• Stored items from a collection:
#####

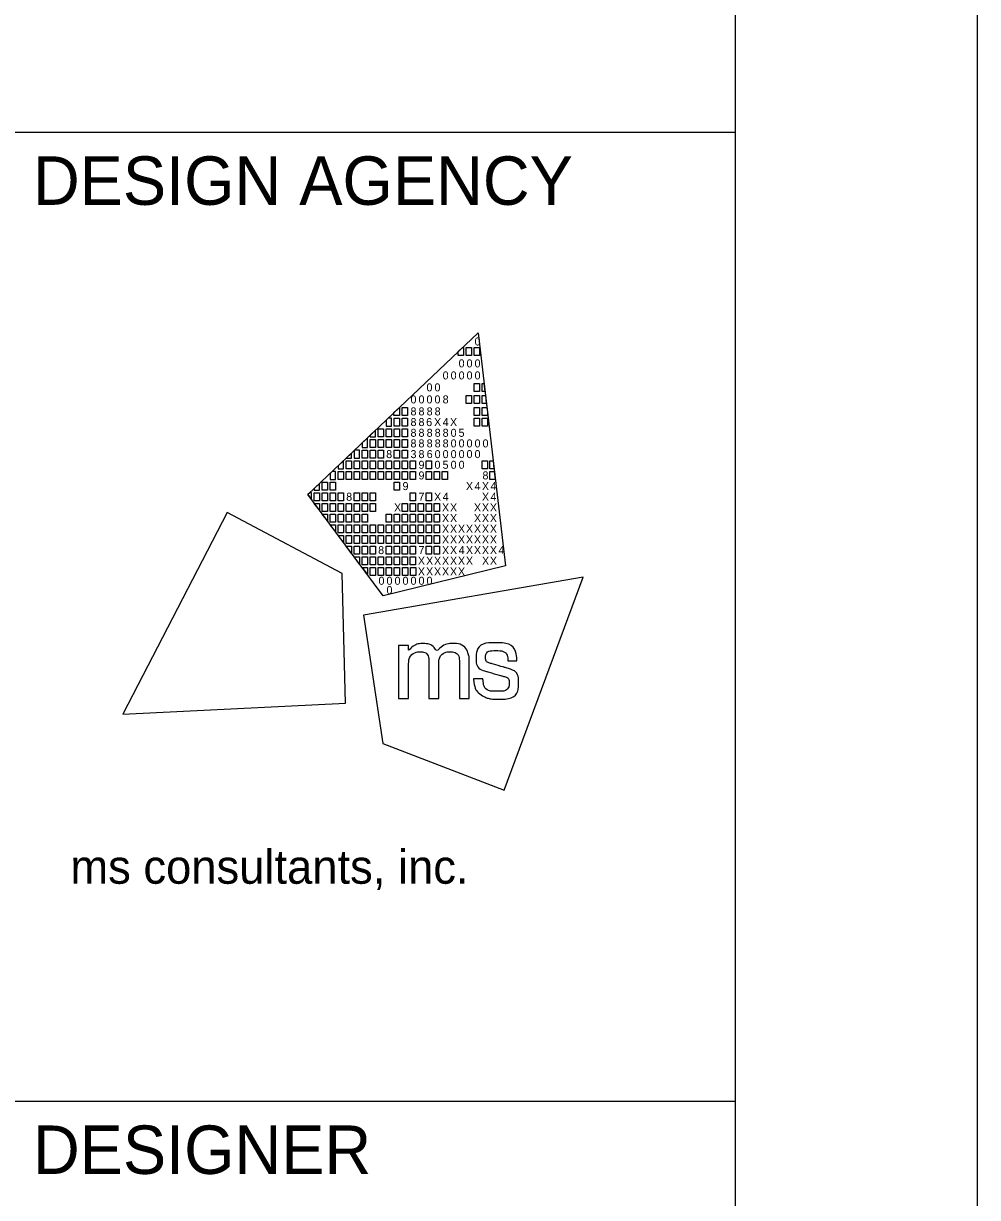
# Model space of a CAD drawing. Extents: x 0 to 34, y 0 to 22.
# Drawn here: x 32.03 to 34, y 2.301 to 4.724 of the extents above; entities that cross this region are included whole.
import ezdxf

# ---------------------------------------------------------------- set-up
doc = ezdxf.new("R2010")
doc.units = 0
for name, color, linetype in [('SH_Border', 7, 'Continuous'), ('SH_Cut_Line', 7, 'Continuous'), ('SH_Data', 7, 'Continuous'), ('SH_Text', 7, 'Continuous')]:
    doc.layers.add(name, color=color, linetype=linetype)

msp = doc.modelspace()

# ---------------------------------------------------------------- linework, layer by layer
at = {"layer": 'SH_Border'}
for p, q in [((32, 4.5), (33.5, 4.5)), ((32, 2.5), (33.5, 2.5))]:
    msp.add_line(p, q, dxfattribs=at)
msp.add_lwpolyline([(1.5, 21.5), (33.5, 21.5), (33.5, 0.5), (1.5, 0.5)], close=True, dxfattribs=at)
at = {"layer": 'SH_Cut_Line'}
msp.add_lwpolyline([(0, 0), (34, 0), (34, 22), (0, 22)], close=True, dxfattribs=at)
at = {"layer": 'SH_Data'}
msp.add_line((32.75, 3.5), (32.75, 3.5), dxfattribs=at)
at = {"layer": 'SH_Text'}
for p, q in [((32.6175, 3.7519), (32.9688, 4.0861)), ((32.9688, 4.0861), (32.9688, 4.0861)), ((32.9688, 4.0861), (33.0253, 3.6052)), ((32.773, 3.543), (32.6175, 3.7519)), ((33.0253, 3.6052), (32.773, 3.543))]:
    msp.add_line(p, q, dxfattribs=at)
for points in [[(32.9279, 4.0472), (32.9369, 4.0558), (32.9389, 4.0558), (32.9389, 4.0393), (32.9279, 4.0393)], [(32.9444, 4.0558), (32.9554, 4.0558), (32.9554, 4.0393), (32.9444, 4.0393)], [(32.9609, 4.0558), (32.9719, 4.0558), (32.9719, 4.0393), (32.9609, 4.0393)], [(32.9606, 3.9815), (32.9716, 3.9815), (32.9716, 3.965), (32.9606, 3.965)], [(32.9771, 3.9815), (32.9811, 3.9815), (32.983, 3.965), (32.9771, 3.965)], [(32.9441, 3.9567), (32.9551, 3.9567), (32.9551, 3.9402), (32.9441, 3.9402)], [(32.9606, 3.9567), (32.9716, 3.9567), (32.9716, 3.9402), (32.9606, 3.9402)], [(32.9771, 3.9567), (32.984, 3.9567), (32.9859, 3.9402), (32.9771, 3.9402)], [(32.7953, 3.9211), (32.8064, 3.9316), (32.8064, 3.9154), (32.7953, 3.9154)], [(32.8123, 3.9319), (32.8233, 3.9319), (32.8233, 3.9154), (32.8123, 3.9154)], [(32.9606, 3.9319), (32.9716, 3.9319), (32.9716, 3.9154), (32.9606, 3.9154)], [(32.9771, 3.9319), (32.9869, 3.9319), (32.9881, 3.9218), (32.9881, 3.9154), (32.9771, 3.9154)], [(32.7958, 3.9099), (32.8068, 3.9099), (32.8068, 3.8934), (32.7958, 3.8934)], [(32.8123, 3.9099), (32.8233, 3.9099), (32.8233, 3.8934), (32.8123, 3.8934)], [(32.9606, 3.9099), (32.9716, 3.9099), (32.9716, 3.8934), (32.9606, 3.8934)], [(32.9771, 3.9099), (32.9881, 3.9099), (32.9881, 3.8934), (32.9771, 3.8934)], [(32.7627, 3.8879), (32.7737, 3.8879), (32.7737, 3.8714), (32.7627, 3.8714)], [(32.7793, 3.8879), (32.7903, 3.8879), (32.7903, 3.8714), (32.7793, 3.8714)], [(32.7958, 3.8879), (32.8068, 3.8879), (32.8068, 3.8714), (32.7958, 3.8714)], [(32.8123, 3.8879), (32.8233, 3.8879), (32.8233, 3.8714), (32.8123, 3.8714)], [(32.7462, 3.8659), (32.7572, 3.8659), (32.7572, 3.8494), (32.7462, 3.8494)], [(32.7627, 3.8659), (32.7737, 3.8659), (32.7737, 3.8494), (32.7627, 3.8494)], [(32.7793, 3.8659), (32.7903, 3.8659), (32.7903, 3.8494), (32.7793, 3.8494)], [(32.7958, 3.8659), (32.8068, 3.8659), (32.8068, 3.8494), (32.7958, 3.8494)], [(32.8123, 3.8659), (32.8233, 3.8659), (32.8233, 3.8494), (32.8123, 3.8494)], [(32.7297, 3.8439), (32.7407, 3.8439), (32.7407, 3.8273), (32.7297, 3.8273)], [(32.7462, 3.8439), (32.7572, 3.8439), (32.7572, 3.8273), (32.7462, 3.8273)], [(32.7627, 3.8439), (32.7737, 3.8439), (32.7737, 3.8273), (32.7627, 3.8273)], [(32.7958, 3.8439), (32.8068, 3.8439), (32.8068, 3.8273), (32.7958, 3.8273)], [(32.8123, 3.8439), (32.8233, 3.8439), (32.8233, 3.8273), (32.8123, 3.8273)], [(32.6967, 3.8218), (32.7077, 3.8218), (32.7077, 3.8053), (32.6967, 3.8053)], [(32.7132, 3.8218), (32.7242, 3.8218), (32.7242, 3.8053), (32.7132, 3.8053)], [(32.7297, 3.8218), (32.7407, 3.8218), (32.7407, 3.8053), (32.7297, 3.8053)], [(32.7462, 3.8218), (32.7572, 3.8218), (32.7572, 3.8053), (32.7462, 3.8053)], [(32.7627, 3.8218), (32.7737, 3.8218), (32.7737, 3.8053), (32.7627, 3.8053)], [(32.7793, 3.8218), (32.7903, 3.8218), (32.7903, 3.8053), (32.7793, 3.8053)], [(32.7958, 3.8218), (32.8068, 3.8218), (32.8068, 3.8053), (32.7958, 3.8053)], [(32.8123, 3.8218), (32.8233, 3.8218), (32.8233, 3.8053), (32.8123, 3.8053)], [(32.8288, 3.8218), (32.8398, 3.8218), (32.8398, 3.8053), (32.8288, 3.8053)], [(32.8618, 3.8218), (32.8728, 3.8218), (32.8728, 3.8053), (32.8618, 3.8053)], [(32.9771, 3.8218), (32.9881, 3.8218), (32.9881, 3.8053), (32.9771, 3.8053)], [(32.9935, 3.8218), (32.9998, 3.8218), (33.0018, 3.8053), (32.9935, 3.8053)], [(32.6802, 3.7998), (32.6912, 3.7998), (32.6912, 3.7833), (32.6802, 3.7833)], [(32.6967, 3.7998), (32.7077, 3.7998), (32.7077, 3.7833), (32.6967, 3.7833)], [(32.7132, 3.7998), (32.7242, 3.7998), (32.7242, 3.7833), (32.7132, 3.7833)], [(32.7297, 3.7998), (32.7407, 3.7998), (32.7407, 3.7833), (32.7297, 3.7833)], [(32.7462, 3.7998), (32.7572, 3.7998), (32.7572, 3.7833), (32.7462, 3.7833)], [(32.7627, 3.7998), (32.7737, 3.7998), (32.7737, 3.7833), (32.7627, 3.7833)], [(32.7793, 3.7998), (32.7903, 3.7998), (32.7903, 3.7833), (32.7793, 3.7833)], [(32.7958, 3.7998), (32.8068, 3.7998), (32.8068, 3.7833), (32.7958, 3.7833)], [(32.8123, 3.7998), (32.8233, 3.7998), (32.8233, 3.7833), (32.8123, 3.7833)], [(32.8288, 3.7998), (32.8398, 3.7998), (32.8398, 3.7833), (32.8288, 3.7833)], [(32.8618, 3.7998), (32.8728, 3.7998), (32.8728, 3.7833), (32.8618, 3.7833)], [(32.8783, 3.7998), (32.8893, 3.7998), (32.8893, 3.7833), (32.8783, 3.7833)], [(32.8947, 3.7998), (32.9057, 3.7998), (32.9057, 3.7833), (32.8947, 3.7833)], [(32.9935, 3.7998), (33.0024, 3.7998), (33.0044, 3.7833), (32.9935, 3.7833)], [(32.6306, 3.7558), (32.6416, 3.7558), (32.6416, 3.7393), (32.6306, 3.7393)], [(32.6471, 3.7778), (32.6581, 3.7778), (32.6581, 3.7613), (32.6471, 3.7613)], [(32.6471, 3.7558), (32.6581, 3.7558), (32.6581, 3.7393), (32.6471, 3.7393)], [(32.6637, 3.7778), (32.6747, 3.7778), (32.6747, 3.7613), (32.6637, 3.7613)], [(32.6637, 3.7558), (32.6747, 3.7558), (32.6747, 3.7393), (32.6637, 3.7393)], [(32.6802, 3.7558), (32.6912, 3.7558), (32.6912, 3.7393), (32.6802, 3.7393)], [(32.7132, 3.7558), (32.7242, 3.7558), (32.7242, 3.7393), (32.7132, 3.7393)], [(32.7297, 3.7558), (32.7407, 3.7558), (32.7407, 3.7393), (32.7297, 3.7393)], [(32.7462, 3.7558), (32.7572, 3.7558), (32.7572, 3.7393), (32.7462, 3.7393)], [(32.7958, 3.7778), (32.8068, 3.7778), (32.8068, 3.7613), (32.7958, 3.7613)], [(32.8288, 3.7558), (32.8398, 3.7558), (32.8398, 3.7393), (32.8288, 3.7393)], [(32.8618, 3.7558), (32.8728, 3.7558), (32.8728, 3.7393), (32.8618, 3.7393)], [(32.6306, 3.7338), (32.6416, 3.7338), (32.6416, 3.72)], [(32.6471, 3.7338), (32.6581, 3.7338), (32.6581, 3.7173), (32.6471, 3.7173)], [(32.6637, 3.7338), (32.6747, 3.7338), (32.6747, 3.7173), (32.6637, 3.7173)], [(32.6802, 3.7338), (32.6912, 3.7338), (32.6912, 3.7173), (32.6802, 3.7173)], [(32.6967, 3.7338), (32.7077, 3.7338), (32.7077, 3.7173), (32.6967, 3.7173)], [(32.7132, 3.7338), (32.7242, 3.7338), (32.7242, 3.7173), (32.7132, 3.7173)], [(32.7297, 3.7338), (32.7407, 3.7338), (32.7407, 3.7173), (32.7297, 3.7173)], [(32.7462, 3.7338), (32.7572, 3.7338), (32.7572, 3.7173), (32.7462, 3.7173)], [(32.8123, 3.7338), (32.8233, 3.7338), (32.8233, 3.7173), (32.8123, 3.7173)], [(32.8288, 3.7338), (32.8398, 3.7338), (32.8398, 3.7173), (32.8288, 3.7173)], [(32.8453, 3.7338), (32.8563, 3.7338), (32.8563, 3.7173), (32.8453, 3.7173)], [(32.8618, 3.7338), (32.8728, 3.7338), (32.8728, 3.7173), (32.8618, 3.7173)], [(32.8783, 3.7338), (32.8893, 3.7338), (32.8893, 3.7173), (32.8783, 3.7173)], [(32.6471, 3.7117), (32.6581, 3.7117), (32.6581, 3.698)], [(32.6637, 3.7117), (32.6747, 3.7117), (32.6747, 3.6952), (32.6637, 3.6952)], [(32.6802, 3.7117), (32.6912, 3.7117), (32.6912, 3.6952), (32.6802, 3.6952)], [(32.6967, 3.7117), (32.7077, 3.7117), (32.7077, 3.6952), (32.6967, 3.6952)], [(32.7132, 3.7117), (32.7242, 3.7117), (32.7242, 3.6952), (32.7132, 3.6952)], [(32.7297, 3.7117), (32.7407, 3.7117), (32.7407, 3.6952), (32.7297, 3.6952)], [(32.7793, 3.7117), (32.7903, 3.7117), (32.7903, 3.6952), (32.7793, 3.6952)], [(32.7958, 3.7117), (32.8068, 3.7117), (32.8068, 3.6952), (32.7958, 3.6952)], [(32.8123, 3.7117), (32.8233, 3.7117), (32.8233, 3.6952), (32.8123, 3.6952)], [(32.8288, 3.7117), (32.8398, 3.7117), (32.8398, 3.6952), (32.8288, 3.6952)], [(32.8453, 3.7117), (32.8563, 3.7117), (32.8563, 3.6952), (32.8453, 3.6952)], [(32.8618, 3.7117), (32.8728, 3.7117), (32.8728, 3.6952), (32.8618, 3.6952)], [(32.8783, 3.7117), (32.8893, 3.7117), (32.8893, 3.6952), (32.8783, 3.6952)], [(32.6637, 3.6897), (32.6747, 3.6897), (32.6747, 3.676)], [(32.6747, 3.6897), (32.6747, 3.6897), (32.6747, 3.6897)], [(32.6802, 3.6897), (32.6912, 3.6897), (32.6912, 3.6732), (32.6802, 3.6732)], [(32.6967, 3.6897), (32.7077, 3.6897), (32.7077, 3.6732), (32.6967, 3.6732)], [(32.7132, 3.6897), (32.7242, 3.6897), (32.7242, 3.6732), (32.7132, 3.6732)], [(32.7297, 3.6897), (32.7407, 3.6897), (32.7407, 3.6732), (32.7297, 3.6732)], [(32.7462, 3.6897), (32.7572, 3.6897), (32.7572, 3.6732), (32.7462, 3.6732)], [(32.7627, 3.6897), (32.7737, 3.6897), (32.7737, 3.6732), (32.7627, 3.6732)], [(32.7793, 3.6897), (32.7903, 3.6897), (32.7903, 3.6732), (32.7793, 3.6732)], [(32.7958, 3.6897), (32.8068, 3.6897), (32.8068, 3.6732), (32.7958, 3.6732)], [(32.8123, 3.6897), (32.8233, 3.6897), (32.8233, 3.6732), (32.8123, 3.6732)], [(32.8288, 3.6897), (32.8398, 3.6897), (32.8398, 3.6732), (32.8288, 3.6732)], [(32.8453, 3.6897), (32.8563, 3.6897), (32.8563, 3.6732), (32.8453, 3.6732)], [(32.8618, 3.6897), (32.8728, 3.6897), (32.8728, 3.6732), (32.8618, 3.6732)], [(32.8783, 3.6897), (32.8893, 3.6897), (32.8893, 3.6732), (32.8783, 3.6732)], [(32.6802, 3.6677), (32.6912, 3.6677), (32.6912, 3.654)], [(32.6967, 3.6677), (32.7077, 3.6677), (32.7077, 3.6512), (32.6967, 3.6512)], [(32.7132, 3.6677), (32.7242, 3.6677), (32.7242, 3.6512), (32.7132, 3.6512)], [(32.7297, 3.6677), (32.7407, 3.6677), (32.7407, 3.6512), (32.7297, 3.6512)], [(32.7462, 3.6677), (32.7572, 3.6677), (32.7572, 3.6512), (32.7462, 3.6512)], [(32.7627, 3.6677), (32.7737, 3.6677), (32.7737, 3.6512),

#####

• Task objective:
Write out every line of the data that holds the word "color".

• Problem solution:
for name, color, linetype in [('SH_Border', 7, 'Continuous'), ('SH_Cut_Line', 7, 'Continuous'), ('SH_Data', 7, 'Continuous'), ('SH_Text', 7, 'Continuous')]:
    doc.layers.add(name, color=color, linetype=linetype)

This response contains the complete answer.